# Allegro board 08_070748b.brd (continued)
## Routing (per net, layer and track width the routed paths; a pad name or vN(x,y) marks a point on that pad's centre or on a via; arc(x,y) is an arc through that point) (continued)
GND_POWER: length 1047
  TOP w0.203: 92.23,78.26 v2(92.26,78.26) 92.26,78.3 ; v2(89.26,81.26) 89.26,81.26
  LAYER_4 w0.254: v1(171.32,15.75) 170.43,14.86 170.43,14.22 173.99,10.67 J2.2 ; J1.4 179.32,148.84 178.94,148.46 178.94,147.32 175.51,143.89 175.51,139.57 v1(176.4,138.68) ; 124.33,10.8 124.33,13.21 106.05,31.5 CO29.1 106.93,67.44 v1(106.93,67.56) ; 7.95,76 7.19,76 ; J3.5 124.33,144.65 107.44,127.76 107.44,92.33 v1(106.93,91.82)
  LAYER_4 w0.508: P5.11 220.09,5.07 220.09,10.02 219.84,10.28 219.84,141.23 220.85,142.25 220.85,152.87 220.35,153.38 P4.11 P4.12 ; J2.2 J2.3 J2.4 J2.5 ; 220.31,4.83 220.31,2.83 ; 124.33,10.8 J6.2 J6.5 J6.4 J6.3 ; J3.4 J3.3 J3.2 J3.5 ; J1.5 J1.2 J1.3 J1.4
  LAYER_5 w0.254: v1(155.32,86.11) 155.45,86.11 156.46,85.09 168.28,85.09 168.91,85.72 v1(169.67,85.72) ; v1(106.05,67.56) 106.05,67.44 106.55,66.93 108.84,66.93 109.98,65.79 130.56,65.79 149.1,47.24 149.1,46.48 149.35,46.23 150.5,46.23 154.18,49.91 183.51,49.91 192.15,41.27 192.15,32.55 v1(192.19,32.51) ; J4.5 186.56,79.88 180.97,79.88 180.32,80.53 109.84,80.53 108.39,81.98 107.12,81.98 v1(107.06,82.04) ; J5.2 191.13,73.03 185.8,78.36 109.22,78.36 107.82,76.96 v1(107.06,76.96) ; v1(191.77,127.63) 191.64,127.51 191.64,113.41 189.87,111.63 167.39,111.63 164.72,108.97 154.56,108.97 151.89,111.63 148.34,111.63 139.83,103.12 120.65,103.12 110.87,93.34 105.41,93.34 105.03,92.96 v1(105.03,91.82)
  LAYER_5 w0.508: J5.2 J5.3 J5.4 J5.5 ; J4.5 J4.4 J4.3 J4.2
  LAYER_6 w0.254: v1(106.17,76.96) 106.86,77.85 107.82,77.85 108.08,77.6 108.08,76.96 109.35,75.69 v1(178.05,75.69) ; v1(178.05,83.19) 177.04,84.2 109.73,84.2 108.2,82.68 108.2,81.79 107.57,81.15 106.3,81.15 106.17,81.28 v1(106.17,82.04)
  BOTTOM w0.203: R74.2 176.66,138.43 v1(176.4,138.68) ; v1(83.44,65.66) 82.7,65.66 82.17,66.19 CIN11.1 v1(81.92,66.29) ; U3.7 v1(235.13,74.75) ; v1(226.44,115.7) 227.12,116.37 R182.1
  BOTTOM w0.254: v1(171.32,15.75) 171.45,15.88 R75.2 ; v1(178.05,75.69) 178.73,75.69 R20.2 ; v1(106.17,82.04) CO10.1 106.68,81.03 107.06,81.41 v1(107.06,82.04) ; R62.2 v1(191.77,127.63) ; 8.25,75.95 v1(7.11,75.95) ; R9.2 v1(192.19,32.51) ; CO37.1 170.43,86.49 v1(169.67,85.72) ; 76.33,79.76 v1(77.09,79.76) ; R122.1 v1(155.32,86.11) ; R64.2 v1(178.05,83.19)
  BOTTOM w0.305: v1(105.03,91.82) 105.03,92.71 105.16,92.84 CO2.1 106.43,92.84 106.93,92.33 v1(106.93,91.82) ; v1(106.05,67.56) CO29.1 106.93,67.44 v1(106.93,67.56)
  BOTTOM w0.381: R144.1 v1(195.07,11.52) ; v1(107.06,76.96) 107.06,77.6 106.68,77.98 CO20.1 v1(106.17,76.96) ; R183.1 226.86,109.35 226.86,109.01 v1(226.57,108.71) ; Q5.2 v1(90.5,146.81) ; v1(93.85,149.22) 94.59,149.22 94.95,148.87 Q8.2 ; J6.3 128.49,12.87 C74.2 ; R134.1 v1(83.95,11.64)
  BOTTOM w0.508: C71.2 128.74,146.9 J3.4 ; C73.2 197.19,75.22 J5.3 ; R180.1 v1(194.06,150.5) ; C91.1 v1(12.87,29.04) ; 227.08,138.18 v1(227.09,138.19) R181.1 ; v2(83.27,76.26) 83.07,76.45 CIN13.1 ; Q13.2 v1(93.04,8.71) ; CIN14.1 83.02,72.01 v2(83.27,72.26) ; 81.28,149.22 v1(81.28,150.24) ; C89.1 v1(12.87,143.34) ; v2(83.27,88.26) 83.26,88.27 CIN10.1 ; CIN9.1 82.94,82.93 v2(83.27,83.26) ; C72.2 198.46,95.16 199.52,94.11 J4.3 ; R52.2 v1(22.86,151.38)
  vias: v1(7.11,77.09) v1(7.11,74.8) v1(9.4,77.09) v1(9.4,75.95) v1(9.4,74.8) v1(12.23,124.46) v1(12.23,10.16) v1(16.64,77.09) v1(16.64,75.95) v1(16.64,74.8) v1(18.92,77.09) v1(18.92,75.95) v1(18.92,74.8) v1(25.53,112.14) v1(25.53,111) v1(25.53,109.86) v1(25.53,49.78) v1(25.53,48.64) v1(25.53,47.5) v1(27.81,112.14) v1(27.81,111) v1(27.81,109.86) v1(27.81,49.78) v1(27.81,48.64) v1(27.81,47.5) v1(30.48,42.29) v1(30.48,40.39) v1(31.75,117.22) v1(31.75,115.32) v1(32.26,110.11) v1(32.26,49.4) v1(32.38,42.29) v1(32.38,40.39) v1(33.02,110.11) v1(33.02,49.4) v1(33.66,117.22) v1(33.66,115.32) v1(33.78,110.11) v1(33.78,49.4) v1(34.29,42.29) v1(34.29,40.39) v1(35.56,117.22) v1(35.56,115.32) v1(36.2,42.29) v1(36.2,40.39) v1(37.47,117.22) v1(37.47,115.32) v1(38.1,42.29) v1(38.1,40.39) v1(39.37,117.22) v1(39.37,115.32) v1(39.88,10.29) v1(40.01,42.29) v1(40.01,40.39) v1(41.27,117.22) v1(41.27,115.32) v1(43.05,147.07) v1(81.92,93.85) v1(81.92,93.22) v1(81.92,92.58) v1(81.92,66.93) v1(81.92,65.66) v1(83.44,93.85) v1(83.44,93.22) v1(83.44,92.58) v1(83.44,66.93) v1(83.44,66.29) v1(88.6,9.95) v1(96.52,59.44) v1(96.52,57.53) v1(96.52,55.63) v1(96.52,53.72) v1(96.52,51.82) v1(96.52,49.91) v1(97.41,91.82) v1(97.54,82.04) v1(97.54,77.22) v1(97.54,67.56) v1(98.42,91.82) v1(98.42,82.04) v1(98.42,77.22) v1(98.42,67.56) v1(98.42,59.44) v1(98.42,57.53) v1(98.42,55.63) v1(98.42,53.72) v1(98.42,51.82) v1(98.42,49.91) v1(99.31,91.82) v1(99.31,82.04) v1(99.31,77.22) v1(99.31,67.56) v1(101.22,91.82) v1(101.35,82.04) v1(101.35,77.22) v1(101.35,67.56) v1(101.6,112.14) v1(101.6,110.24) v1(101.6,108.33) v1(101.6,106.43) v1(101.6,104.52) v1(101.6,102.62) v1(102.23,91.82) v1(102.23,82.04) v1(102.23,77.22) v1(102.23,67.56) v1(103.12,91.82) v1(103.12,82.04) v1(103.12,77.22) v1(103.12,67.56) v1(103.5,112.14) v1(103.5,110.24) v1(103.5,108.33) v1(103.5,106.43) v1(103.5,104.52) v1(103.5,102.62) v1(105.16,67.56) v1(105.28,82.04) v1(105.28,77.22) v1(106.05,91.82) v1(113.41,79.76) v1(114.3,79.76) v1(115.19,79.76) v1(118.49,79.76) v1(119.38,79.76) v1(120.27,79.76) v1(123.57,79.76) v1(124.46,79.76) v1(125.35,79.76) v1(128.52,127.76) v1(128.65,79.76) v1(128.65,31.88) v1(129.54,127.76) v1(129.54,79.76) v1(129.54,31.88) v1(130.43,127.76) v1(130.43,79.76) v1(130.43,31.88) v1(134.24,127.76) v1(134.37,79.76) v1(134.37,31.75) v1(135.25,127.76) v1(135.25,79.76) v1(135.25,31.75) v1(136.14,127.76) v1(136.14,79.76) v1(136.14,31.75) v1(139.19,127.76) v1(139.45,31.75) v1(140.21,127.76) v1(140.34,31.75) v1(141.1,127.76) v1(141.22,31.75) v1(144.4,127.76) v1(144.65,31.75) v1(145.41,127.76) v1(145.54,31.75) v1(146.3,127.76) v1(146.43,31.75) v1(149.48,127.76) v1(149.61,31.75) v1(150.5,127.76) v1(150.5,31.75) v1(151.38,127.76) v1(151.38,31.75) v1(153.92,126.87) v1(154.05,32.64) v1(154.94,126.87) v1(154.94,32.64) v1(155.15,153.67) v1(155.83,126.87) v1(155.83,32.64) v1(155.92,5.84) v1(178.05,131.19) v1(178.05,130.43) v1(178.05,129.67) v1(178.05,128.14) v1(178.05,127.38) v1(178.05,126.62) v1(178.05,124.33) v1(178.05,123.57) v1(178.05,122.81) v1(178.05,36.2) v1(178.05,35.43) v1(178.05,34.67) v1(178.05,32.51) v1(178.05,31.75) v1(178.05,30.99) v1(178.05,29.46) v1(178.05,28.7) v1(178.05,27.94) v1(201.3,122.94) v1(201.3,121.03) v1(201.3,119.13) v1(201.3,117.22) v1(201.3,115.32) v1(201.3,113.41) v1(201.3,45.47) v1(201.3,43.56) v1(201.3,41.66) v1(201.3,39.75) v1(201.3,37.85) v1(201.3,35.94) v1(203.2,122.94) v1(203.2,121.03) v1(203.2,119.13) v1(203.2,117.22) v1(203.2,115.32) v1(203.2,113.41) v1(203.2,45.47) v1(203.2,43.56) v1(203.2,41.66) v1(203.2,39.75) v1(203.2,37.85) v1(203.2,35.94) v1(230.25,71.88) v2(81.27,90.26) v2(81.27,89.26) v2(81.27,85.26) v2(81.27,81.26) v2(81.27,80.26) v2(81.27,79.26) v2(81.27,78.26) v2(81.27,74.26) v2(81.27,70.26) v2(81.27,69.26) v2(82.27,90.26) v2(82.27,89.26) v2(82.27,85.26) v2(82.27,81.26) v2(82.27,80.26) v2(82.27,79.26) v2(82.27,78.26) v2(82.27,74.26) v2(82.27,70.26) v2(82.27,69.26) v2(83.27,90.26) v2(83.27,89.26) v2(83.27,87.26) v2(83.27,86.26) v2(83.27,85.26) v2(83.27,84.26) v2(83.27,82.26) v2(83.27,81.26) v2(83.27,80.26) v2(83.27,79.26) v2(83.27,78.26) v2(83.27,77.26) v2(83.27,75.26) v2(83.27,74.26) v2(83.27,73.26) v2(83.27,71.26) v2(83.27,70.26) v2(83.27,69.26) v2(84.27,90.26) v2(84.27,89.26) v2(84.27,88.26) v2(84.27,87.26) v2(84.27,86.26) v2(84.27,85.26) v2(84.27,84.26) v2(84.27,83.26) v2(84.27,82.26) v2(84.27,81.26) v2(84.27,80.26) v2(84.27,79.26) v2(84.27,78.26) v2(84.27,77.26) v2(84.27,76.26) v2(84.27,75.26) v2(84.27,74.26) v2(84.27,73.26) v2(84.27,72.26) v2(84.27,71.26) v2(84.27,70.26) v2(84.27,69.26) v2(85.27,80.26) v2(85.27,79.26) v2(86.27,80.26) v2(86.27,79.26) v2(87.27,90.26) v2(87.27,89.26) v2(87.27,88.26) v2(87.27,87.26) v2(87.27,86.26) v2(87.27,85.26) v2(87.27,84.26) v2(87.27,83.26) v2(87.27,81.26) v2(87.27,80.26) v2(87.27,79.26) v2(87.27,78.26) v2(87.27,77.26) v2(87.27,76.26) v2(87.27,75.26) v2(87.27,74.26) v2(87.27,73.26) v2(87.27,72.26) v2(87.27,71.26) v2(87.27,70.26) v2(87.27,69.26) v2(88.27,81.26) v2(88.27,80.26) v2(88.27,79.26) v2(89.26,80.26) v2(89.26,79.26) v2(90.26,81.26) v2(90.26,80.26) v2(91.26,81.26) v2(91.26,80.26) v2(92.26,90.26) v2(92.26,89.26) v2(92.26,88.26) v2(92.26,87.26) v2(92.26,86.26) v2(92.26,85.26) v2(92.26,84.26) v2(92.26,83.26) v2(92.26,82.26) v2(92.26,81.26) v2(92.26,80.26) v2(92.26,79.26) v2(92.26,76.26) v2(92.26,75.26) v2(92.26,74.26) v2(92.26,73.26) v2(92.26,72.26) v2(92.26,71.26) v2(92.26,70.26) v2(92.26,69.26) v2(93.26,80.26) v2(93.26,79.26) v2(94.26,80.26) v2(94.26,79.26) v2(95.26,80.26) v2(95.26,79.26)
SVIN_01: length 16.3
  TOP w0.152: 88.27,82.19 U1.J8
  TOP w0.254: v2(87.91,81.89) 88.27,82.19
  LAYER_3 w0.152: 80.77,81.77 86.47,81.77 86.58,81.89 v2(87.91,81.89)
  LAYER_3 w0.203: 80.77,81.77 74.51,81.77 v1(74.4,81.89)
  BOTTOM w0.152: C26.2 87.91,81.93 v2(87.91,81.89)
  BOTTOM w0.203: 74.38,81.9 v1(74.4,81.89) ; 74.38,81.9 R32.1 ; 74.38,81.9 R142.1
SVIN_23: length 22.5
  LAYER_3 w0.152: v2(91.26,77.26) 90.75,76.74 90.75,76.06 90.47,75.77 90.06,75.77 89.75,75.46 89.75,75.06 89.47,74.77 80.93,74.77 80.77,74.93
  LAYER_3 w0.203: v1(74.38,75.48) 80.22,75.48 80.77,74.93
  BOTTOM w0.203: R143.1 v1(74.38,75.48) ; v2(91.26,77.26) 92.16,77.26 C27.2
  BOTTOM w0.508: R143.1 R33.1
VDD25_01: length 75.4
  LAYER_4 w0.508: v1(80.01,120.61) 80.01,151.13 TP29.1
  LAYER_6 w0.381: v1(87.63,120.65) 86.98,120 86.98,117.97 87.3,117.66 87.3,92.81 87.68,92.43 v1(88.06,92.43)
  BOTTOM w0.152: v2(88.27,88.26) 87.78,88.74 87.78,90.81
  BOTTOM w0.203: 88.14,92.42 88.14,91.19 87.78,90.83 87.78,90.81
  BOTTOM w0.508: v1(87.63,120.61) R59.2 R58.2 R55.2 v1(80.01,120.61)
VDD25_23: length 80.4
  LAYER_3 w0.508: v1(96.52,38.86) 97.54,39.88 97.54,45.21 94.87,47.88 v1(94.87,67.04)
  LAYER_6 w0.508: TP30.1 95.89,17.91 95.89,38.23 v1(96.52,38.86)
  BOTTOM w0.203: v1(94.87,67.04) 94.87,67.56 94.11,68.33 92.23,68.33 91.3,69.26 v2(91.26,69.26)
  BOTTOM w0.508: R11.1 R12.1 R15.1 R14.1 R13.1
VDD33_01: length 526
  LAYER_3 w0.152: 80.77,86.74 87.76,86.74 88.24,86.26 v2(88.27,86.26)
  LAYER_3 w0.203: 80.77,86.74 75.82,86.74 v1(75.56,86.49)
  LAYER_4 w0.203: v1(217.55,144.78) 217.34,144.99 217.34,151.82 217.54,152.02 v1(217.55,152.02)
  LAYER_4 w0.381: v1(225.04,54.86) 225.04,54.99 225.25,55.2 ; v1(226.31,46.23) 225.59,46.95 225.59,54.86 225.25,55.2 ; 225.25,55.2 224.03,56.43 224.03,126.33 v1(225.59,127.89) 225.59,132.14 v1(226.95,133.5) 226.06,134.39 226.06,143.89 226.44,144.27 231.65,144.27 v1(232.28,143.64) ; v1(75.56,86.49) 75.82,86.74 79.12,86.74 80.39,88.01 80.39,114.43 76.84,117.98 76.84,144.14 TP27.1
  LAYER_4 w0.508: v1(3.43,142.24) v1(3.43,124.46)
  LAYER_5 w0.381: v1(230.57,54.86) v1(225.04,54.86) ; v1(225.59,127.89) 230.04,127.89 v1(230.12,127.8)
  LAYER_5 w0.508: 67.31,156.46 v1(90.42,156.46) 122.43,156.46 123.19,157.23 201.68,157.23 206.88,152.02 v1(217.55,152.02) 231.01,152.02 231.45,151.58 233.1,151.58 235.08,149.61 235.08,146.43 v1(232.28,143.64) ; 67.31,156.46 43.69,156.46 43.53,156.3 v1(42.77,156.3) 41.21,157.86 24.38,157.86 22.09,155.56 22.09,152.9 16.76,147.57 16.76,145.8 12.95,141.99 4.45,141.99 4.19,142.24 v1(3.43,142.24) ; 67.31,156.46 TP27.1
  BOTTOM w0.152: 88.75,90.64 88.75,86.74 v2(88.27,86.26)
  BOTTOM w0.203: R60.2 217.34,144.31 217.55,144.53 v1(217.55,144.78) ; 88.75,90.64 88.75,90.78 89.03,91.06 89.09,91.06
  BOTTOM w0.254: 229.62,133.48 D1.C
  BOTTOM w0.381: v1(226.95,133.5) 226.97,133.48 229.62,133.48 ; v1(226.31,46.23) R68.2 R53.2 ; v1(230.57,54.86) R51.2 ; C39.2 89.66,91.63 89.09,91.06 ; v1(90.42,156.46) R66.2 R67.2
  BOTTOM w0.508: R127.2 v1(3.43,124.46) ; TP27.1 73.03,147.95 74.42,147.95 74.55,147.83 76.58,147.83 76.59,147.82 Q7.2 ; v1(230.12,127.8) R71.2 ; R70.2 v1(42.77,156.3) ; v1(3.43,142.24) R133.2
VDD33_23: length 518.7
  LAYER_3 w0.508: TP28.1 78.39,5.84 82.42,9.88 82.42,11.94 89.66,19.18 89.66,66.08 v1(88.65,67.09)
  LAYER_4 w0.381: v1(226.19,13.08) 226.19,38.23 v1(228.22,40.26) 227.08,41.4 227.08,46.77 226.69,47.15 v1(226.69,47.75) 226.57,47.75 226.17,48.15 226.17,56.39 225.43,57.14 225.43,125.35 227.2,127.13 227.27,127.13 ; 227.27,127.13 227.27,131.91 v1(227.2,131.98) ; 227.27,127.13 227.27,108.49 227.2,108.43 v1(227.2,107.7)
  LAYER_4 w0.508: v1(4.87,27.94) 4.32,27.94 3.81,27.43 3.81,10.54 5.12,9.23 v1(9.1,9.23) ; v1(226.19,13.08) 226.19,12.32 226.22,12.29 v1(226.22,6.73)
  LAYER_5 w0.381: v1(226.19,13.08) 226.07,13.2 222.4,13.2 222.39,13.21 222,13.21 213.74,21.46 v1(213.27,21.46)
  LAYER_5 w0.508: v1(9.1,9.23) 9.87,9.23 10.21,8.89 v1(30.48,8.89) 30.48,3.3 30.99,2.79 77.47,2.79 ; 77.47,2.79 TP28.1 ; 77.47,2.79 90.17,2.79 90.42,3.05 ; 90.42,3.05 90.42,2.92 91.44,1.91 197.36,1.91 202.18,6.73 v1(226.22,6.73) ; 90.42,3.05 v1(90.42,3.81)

● **EXERCISE**
The entries above hold a line with "BOTTOM w0.381: v1(226.95,133.5)" and a later line with "LAYER_3 w0.508: TP28.1". Write out exactly those lines and all lines between, nothing more.

● **WRITTEN ANSWER**
  BOTTOM w0.381: v1(226.95,133.5) 226.97,133.48 229.62,133.48 ; v1(226.31,46.23) R68.2 R53.2 ; v1(230.57,54.86) R51.2 ; C39.2 89.66,91.63 89.09,91.06 ; v1(90.42,156.46) R66.2 R67.2
  BOTTOM w0.508: R127.2 v1(3.43,124.46) ; TP27.1 73.03,147.95 74.42,147.95 74.55,147.83 76.58,147.83 76.59,147.82 Q7.2 ; v1(230.12,127.8) R71.2 ; R70.2 v1(42.77,156.3) ; v1(3.43,142.24) R133.2
VDD33_23: length 518.7
  LAYER_3 w0.508: TP28.1 78.39,5.84 82.42,9.88 82.42,11.94 89.66,19.18 89.66,66.08 v1(88.65,67.09)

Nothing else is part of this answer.